===== SOURCE DATA =====

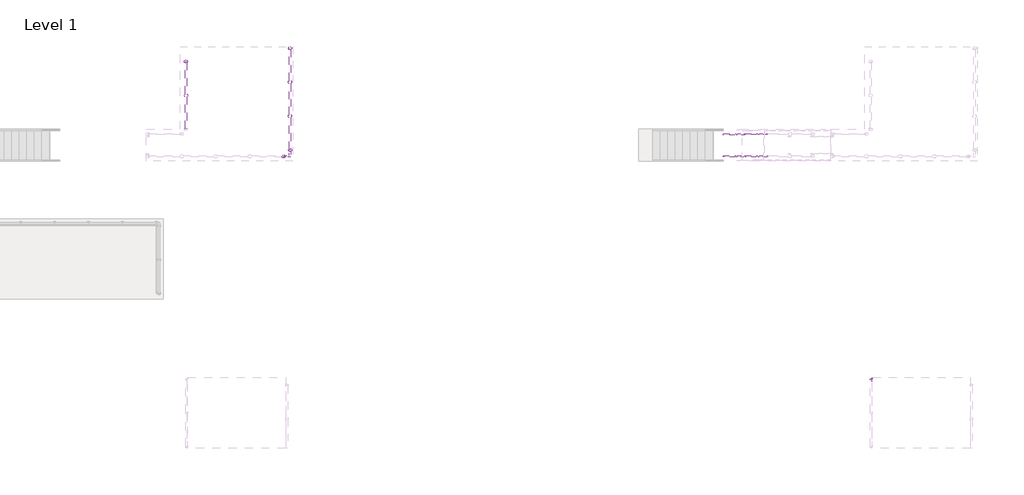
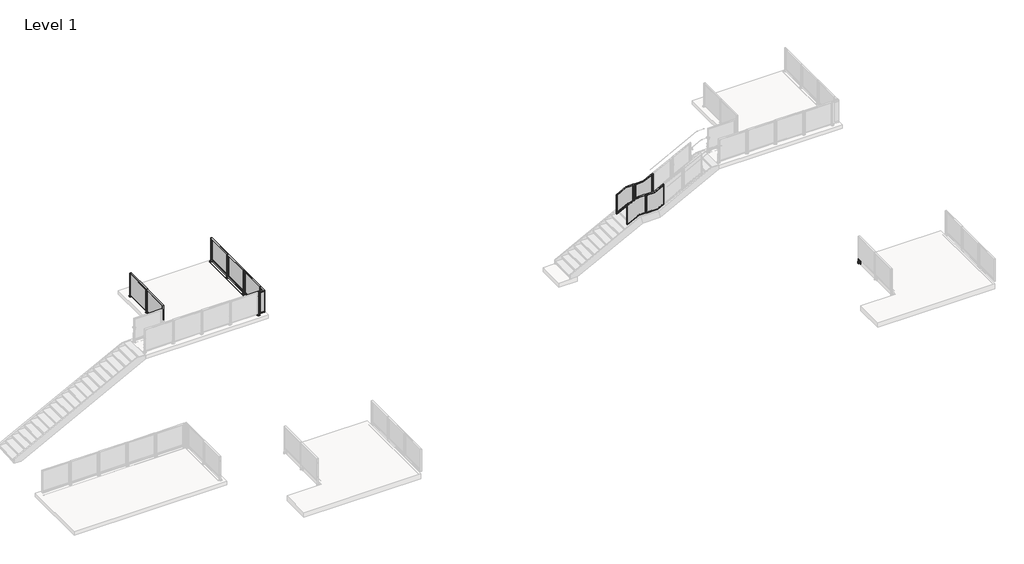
# One storey, part 32 of 37: 7 railings, 5 proxies.
"""IFC4 building model written with IfcOpenShell, lengths in millimetres."""

from ifc_helpers import new_model, si_unit, point, frame, frame_2d, origin, place, context, project, spatial, polyline, circle_curve, trimmed, segment, composite_curve, outline, extrude, faceted_brep, transform, mapped, element, save
from ifc_brep_helpers import plane_surface, cylinder_surface, advanced_brep
from components import baluster_end_post_viva_frame_top_mount_933f940f, baluster_end_post_viva_frame_top_mount_dbc33080, baluster_end_post_viva_frame_top_mount_933cdb12, baluster_end_post_viva_frame_top_mount_welded_fascia_mount_f3869cb3, baluster_corner_panel_viva_frame_inside_standard_882b99be, baluster_landing_panel_viva_frame_lower_standard_pp01_a1165722, baluster_landing_panel_viva_frame_lower_standard_pp01_71fd184b, baluster_landing_panel_viva_frame_upper_standard_pp01_df324889, baluster_landing_panel_viva_frame_upper_standard_pp01_eb854fba

model = new_model("IFC4")

# Units and contexts
model_context = context("Model", 3, world=origin())
ifc_project = project(units=[si_unit("LENGTHUNIT", "METRE", prefix="MILLI")], contexts=[model_context])

# Site, building, storey
site = spatial("IfcSite", under=ifc_project)
building = spatial("IfcBuilding", under=site)
storey = spatial("IfcBuildingStorey", under=building, Name="Level 1", Elevation=0.0)

# Proxies
placement = place(None, origin())
baluster_end_post_viva_frame_top_mount_shape = baluster_end_post_viva_frame_top_mount_933f940f(model_context)
element("IfcBuildingElementProxy", 1, Name="Baluster-End-Post-VIVA-FRAME-Top Mount : CORED INTO CONCRETE_TOP MOUNT FOLD_STRAIGHT", ObjectType="Baluster-End-Post-VIVA-FRAME-Top Mount : CORED INTO CONCRETE_TOP MOUNT FOLD_STRAIGHT", at=placement, inside=storey, context=model_context, shape_type="MappedRepresentation", body=[
    mapped(baluster_end_post_viva_frame_top_mount_shape, transform((-27796.1377244, 8746.3986722, 3047.492), x_axis=(0.0, 1.0, 0.0), y_axis=(-1.0, 0.0, 0.0), z_axis=(0.0, 0.0, 1.0))),
])
baluster_end_post_viva_frame_top_mount_2_shape = baluster_end_post_viva_frame_top_mount_dbc33080(model_context)
element("IfcBuildingElementProxy", 2, Name="Baluster-End-Post-VIVA-FRAME-Top Mount : CORED INTO CONCRETE_TOP MOUNT FOLD_STRAIGHT", ObjectType="Baluster-End-Post-VIVA-FRAME-Top Mount : CORED INTO CONCRETE_TOP MOUNT FOLD_STRAIGHT", at=placement, inside=storey, context=model_context, shape_type="MappedRepresentation", body=[
    mapped(baluster_end_post_viva_frame_top_mount_2_shape, transform((-27936.8813244, 8605.5937722, 3047.492), x_axis=(1.0, 0.0, 0.0), y_axis=(0.0, 1.0, 0.0), z_axis=(0.0, 0.0, 1.0))),
])
baluster_end_post_viva_frame_top_mount_3_shape = baluster_end_post_viva_frame_top_mount_933cdb12(model_context)
element("IfcBuildingElementProxy", 3, Name="Baluster-End-Post-VIVA-FRAME-Top Mount : CORED INTO CONCRETE_TOP MOUNT FOLD_STRAIGHT", ObjectType="Baluster-End-Post-VIVA-FRAME-Top Mount : CORED INTO CONCRETE_TOP MOUNT FOLD_STRAIGHT", at=placement, inside=storey, context=model_context, shape_type="MappedRepresentation", body=[
    mapped(baluster_end_post_viva_frame_top_mount_3_shape, transform((-31485.7754694, 12061.3663722, 3047.492), x_axis=(0.0, -1.0, 0.0), y_axis=(1.0, 0.0, 0.0), z_axis=(0.0, 0.0, 1.0))),
])
element("IfcBuildingElementProxy", 4, Name="Baluster-End-Post-VIVA-FRAME-Top Mount : CORED INTO CONCRETE_TOP MOUNT FOLD_STRAIGHT", ObjectType="Baluster-End-Post-VIVA-FRAME-Top Mount : CORED INTO CONCRETE_TOP MOUNT FOLD_STRAIGHT", at=placement, inside=storey, context=model_context, shape_type="MappedRepresentation", body=[
    mapped(baluster_end_post_viva_frame_top_mount_2_shape, transform((-27796.1377244, 12556.3986722, 3047.492), x_axis=(0.0, 1.0, 0.0), y_axis=(-1.0, 0.0, 0.0), z_axis=(0.0, 0.0, 1.0))),
])
baluster_end_post_viva_frame_top_mount_welded_fascia_mount_shape = baluster_end_post_viva_frame_top_mount_welded_fascia_mount_f3869cb3(model_context)
element("IfcBuildingElementProxy", 5, Name="Baluster-End-Post-VIVA-FRAME-Top Mount : WELDED Fascia MOUNT FOLD_STRAIGHT", ObjectType="Baluster-End-Post-VIVA-FRAME-Top Mount : WELDED Fascia MOUNT FOLD_STRAIGHT", at=placement, inside=storey, context=model_context, shape_type="MappedRepresentation", body=[
    mapped(baluster_end_post_viva_frame_top_mount_welded_fascia_mount_shape, transform((-5845.6776401, 156.9687275, 3047.492), x_axis=(0.0, -1.0, 0.0), y_axis=(1.0, 0.0, 0.0), z_axis=(0.0, 0.0, 1.0))),
])

# Railings
baluster_corner_panel_viva_frame_inside_standard_shape = baluster_corner_panel_viva_frame_inside_standard_882b99be(model_context)
element("IfcRailing", 6, ObjectType="Baluster-Corner-Panel-VIVA-FRAME : Inside_Standard", at=placement, inside=storey, context=model_context, shape_type="MappedRepresentation", body=[
    mapped(baluster_corner_panel_viva_frame_inside_standard_shape, transform((-27670.2299244, 8479.6859722, 3022.346), x_axis=(0.0, 1.0, 0.0), y_axis=(-1.0, 0.0, 0.0), z_axis=(0.0, 0.0, 1.0))),
])
baluster_landing_panel_viva_frame_lower_standard_pp01_shape = baluster_landing_panel_viva_frame_lower_standard_pp01_a1165722(model_context)
element("IfcRailing", 7, ObjectType="Baluster-Landing-Panel-VIVA-FRAME-Lower : Standard_PP01", at=placement, inside=storey, context=model_context, shape_type="MappedRepresentation", body=[
    mapped(baluster_landing_panel_viva_frame_lower_standard_pp01_shape, transform((-11484.6546311, 8477.3668865, 1733.4542898), x_axis=(0.0, 1.0, 0.0), y_axis=(-1.0, 0.0, 0.0), z_axis=(0.0, 0.0, 1.0))),
])
baluster_landing_panel_viva_frame_lower_standard_pp01_2_shape = baluster_landing_panel_viva_frame_lower_standard_pp01_71fd184b(model_context)
element("IfcRailing", 8, ObjectType="Baluster-Landing-Panel-VIVA-FRAME-Lower : Standard_PP01", at=placement, inside=storey, context=model_context, shape_type="MappedRepresentation", body=[
    mapped(baluster_landing_panel_viva_frame_lower_standard_pp01_2_shape, transform((-11484.6546311, 9375.018258, 1733.4542898), x_axis=(0.0, -1.0, 0.0), y_axis=(1.0, 0.0, 0.0), z_axis=(0.0, 0.0, 1.0))),
])
baluster_landing_panel_viva_frame_upper_standard_pp01_shape = baluster_landing_panel_viva_frame_upper_standard_pp01_df324889(model_context)
element("IfcRailing", 9, ObjectType="Baluster-Landing-Panel-VIVA-FRAME-Upper : Standard_PP01", at=placement, inside=storey, context=model_context, shape_type="MappedRepresentation", body=[
    mapped(baluster_landing_panel_viva_frame_upper_standard_pp01_shape, transform((-10816.5460392, 8422.7024722, 1736.2385299), x_axis=(0.0, 1.0, 0.0), y_axis=(-1.0, 0.0, 0.0), z_axis=(0.0, 0.0, 1.0))),
])
baluster_landing_panel_viva_frame_upper_standard_pp01_2_shape = baluster_landing_panel_viva_frame_upper_standard_pp01_eb854fba(model_context)
element("IfcRailing", 10, ObjectType="Baluster-Landing-Panel-VIVA-FRAME-Upper : Standard_PP01", at=placement, inside=storey, context=model_context, shape_type="MappedRepresentation", body=[
    mapped(baluster_landing_panel_viva_frame_upper_standard_pp01_2_shape, transform((-10816.5460392, 9429.6826722, 1736.2385299), x_axis=(0.0, -1.0, 0.0), y_axis=(1.0, 0.0, 0.0), z_axis=(0.0, 0.0, 1.0))),
])
element("IfcRailing", 11, ObjectType="Metal-Panel-VIVA-FRAME-Top_Core-Straight", at=placement, inside=storey, context=model_context, shape_type="SolidModel", body=[
    extrude(outline(composite_curve([segment(trimmed(circle_curve(frame_2d((3047.746, -31485.7754694)), 0.254), [point((3047.746, -31485.5214694))], [point((3047.746, -31486.0294694))], False, "CARTESIAN"), True, "CONTINUOUS"), segment(trimmed(circle_curve(frame_2d((3047.746, -31485.7754694)), 0.254), [point((3047.746, -31486.0294694))], [point((3047.746, -31485.5214694))], False, "CARTESIAN"), True, "CONTINUOUS")], self_intersect=False)), frame((0.0, 9521.3663722, 0.0), z_axis=(0.0, 1.0, 0.0), x_axis=(0.0, 0.0, 1.0)), (0.0, 0.0, 1.0), 2540.0),
    extrude(outline(composite_curve([segment(trimmed(circle_curve(frame_2d((3047.746, -31485.7754694)), 0.254), [point((3047.746, -31485.5214694))], [point((3047.746, -31486.0294694))], False, "CARTESIAN"), True, "CONTINUOUS"), segment(trimmed(circle_curve(frame_2d((3047.746, -31485.7754694)), 0.254), [point((3047.746, -31486.0294694))], [point((3047.746, -31485.5214694))], False, "CARTESIAN"), True, "CONTINUOUS")], self_intersect=False)), frame((0.0, 9521.3663722, 0.0), z_axis=(0.0, 1.0, 0.0), x_axis=(0.0, 0.0, 1.0)), (0.0, 0.0, 1.0), 2540.0),
    extrude(outline(polyline([(-31608.5858694, 10832.1928291), (-31608.5858694, 12020.5399153), (-31605.5858694, 12020.5399153), (-31605.5858694, 10832.1928291), (-31608.5858694, 10832.1928291)])), frame((0.0, 0.0, 3124.1959569), z_axis=(0.0, 0.0, 1.0), x_axis=(1.0, 0.0, 0.0)), (0.0, 0.0, 1.0), 990.5826861),
    faceted_brep([(-31608.5858694, 10806.7928291, 4140.1786431), (-31608.5858694, 12045.9399153, 4140.1786431), (-31608.5858694, 12045.9399153, 3098.7959569), (-31608.5858694, 10806.7928291, 3098.7959569), (-31608.5858694, 10832.1928291, 4114.7786431), (-31608.5858694, 10832.1928291, 3124.1959569), (-31608.5858694, 12020.5399153, 3124.1959569), (-31608.5858694, 12020.5399153, 4114.7786431), (-31605.5858694, 10832.1928291, 3124.1959569), (-31605.5858694, 12020.5399153, 3124.1959569), (-31605.5858694, 12020.5399153, 4114.7786431), (-31605.5858694, 10832.1928291, 4114.7786431), (-31554.7858694, 10812.7872291, 3104.7903569), (-31554.7858694, 12039.9455153, 3104.7903569), (-31585.5960694, 12039.9455153, 3104.7903569), (-31585.5960694, 10812.7872291, 3104.7903569), (-31554.7858694, 12039.9455153, 4134.1842431), (-31585.5960694, 12039.9455153, 4134.1842431), (-31585.5960694, 10812.7872291, 4134.1842431), (-31554.7858694, 10812.7872291, 4134.1842431), (-31554.7858694, 12045.9399153, 3098.7959569), (-31554.7858694, 12045.9399153, 4140.1786431), (-31554.7858694, 10806.7928291, 4140.1786431), (-31554.7858694, 10806.7928291, 3098.7959569), (-31605.5858694, 10857.5928291, 4089.3786431), (-31605.5858694, 10857.5928291, 3149.5959569), (-31605.5858694, 11995.1399153, 3149.5959569), (-31605.5858694, 11995.1399153, 4089.3786431), (-31585.5960694, 11995.1399153, 3149.5959569), (-31585.5960694, 10857.5928291, 3149.5959569), (-31585.5960694, 10857.5928291, 4089.3786431), (-31585.5960694, 11995.1399153, 4089.3786431)], [[[0, 1, 2, 3], [4, 5, 6, 7]], [[5, 8, 9, 6]], [[6, 9, 10, 7]], [[7, 10, 11, 4]], [[4, 11, 8, 5]], [[12, 13, 14, 15]], [[13, 16, 17, 14]], [[15, 18, 19, 12]], [[20, 21, 22, 23], [12, 19, 16, 13]], [[23, 22, 0, 3]], [[23, 3, 2, 20]], [[2, 1, 21, 20]], [[22, 21, 1, 0]], [[11, 10, 9, 8], [24, 25, 26, 27]], [[14, 17, 18, 15], [28, 29, 30, 31]], [[18, 17, 16, 19]], [[27, 31, 30, 24]], [[26, 28, 31, 27]], [[25, 29, 28, 26]], [[24, 30, 29, 25]]]),
    extrude(outline(composite_curve([segment(trimmed(circle_curve(frame_2d((-31581.6858694, 10791.3663722)), 65.8876), [point((-31647.5734694, 10791.3663722))], [point((-31515.7982694, 10791.3663722))], False, "CARTESIAN"), True, "CONTINUOUS"), segment(trimmed(circle_curve(frame_2d((-31581.6858694, 10791.3663722)), 65.8876), [point((-31515.7982694, 10791.3663722))], [point((-31647.5734694, 10791.3663722))], False, "CARTESIAN"), True, "CONTINUOUS")], self_intersect=False)), frame((0.0, 0.0, 3048.0), z_axis=(0.0, 0.0, 1.0), x_axis=(1.0, 0.0, 0.0)), (0.0, 0.0, 1.0), 2.9821299),
    advanced_brep(
    [(-31581.6858694, 10765.1789722, 3178.1496), (-31581.6858694, 10765.1789722, 3187.7), (-31581.6858694, 10765.1789722, 3197.2504), (-31581.6858694, 10769.9541722, 3178.1496), (-31581.6858694, 10769.9541722, 3197.2504), (-31581.6858694, 10769.9541722, 3182.9248), (-31581.6858694, 10769.9541722, 3192.4752), (-31581.6858694, 10812.7785722, 3182.9248), (-31581.6858694, 10812.7785722, 3192.4752), (-31581.6858694, 10812.7785722, 3178.1496), (-31581.6858694, 10812.7785722, 3197.2504), (-31581.6858694, 10817.5537722, 3178.1496), (-31581.6858694, 10817.5537722, 3197.2504), (-31581.6858694, 10817.5537722, 3187.7)],
    [
        (0, 1),
        (1, 2),
        (2, 0, circle_curve(frame((-31581.6858694, 10765.1789722, 3187.7), z_axis=(0.0, -1.0, 0.0), x_axis=(0.0, 0.0, 1.0)), 9.5504)),
        (0, 2, circle_curve(frame((-31581.6858694, 10765.1789722, 3187.7), z_axis=(0.0, -1.0, 0.0), x_axis=(0.0, 0.0, 1.0)), 9.5504)),
        (3, 0),
        (2, 4),
        (4, 3, circle_curve(frame((-31581.6858694, 10769.9541722, 3187.7), z_axis=(0.0, -1.0, 0.0), x_axis=(0.0, 0.0, 1.0)), 9.5504)),
        (3, 4, circle_curve(frame((-31581.6858694, 10769.9541722, 3187.7), z_axis=(0.0, -1.0, 0.0), x_axis=(0.0, 0.0, 1.0)), 9.5504)),
        (5, 3),
        (4, 6),
        (6, 5, circle_curve(frame((-31581.6858694, 10769.9541722, 3187.7), z_axis=(0.0, -1.0, 0.0), x_axis=(0.0, 0.0, 1.0)), 4.7752)),
        (5, 6, circle_curve(frame((-31581.6858694, 10769.9541722, 3187.7), z_axis=(0.0, -1.0, 0.0), x_axis=(0.0, 0.0, 1.0)), 4.7752)),
        (7, 5),
        (6, 8),
        (8, 7, circle_curve(frame((-31581.6858694, 10812.7785722, 3187.7), z_axis=(0.0, -1.0, 0.0), x_axis=(0.0, 0.0, 1.0)), 4.7752)),
        (7, 8, circle_curve(frame((-31581.6858694, 10812.7785722, 3187.7), z_axis=(0.0, -1.0, 0.0), x_axis=(0.0, 0.0, 1.0)), 4.7752)),
        (9, 7),
        (8, 10),
        (10, 9, circle_curve(frame((-31581.6858694, 10812.7785722, 3187.7), z_axis=(0.0, -1.0, 0.0), x_axis=(0.0, 0.0, 1.0)), 9.5504)),
        (9, 10, circle_curve(frame((-31581.6858694, 10812.7785722, 3187.7), z_axis=(0.0, -1.0, 0.0), x_axis=(0.0, 0.0, 1.0)), 9.5504)),
        (11, 9),
        (10, 12),
        (12, 11, circle_curve(frame((-31581.6858694, 10817.5537722, 3187.7), z_axis=(0.0, -1.0, 0.0), x_axis=(0.0, 0.0, 1.0)), 9.5504)),
        (11, 12, circle_curve(frame((-31581.6858694, 10817.5537722, 3187.7), z_axis=(0.0, -1.0, 0.0), x_axis=(0.0, 0.0, 1.0)), 9.5504)),
        (13, 11),
        (12, 13),
    ],
    [
        plane_surface(frame((-31581.6858694, 10765.1789722, 3187.7), z_axis=(0.0, -1.0, 0.0), x_axis=(0.0, 0.0, 1.0))),
        cylinder_surface(frame((-31581.6858694, 7373.5986151, 3187.7), z_axis=(0.0, 1.0, 0.0), x_axis=(0.0, 0.0, 1.0)), 9.5504),
        plane_surface(frame((-31581.6858694, 10769.9541722, 3187.7), z_axis=(0.0, 1.0, 0.0), x_axis=(0.0, 0.0, 1.0))),
        cylinder_surface(frame((-31581.6858694, 7373.5986151, 3187.7), z_axis=(0.0, 1.0, 0.0), x_axis=(0.0, 0.0, 1.0)), 4.7752),
        plane_surface(frame((-31581.6858694, 10812.7785722, 3187.7), z_axis=(0.0, -1.0, 0.0), x_axis=(0.0, 0.0, 1.0))),
        plane_surface(frame((-31581.6858694, 10817.5537722, 3187.7), z_axis=(0.0, 1.0, 0.0), x_axis=(0.0, 0.0, 1.0))),
    ],
    [
        (0, [[1, 2, 3]]),
        (0, [[-2, -1, 4]]),
        (1, [[5, -3, 6, 7]]),
        (1, [[-6, -4, -5, 8]]),
        (2, [[9, -7, 10, 11]]),
        (2, [[-10, -8, -9, 12]]),
        (3, [[13, -11, 14, 15]]),
        (3, [[-14, -12, -13, 16]]),
        (4, [[17, -15, 18, 19]]),
        (4, [[-18, -16, -17, 20]]),
        (1, [[21, -19, 22, 23]]),
        (1, [[-22, -20, -21, 24]]),
        (5, [[25, -23, 26]]),
        (5, [[-26, -24, -25]]),
    ],
),
    advanced_brep(
    [(-31581.6858694, 10765.1789722, 3419.4496), (-31581.6858694, 10765.1789722, 3429.0), (-31581.6858694, 10765.1789722, 3438.5504), (-31581.6858694, 10769.9541722, 3419.4496), (-31581.6858694, 10769.9541722, 3438.5504), (-31581.6858694, 10769.9541722, 3424.2248), (-31581.6858694, 10769.9541722, 3433.7752), (-31581.6858694, 10812.7785722, 3424.2248), (-31581.6858694, 10812.7785722, 3433.7752), (-31581.6858694, 10812.7785722, 3419.4496), (-31581.6858694, 10812.7785722, 3438.5504), (-31581.6858694, 10817.5537722, 3419.4496), (-31581.6858694, 10817.5537722, 3438.5504), (-31581.6858694, 10817.5537722, 3429.0)],
    [
        (0, 1),
        (1, 2),
        (2, 0, circle_curve(frame((-31581.6858694, 10765.1789722, 3429.0), z_axis=(0.0, -1.0, 0.0), x_axis=(0.0, 0.0, 1.0)), 9.5504)),
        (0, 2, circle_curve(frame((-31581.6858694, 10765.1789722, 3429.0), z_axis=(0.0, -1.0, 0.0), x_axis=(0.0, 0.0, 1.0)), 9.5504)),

=====

**WHAT THE EXERCISE ASKS**: Nothing but the lines from the start of the records through the line holding "from ifc_brep_helpers import" should be printed, exactly as written and with the pictures left out.

**RESPONSE TO THIS TASK**:
# One storey, part 32 of 37: 7 railings, 5 proxies.
"""IFC4 building model written with IfcOpenShell, lengths in millimetres."""

from ifc_helpers import new_model, si_unit, point, frame, frame_2d, origin, place, context, project, spatial, polyline, circle_curve, trimmed, segment, composite_curve, outline, extrude, faceted_brep, transform, mapped, element, save
from ifc_brep_helpers import plane_surface, cylinder_surface, advanced_brep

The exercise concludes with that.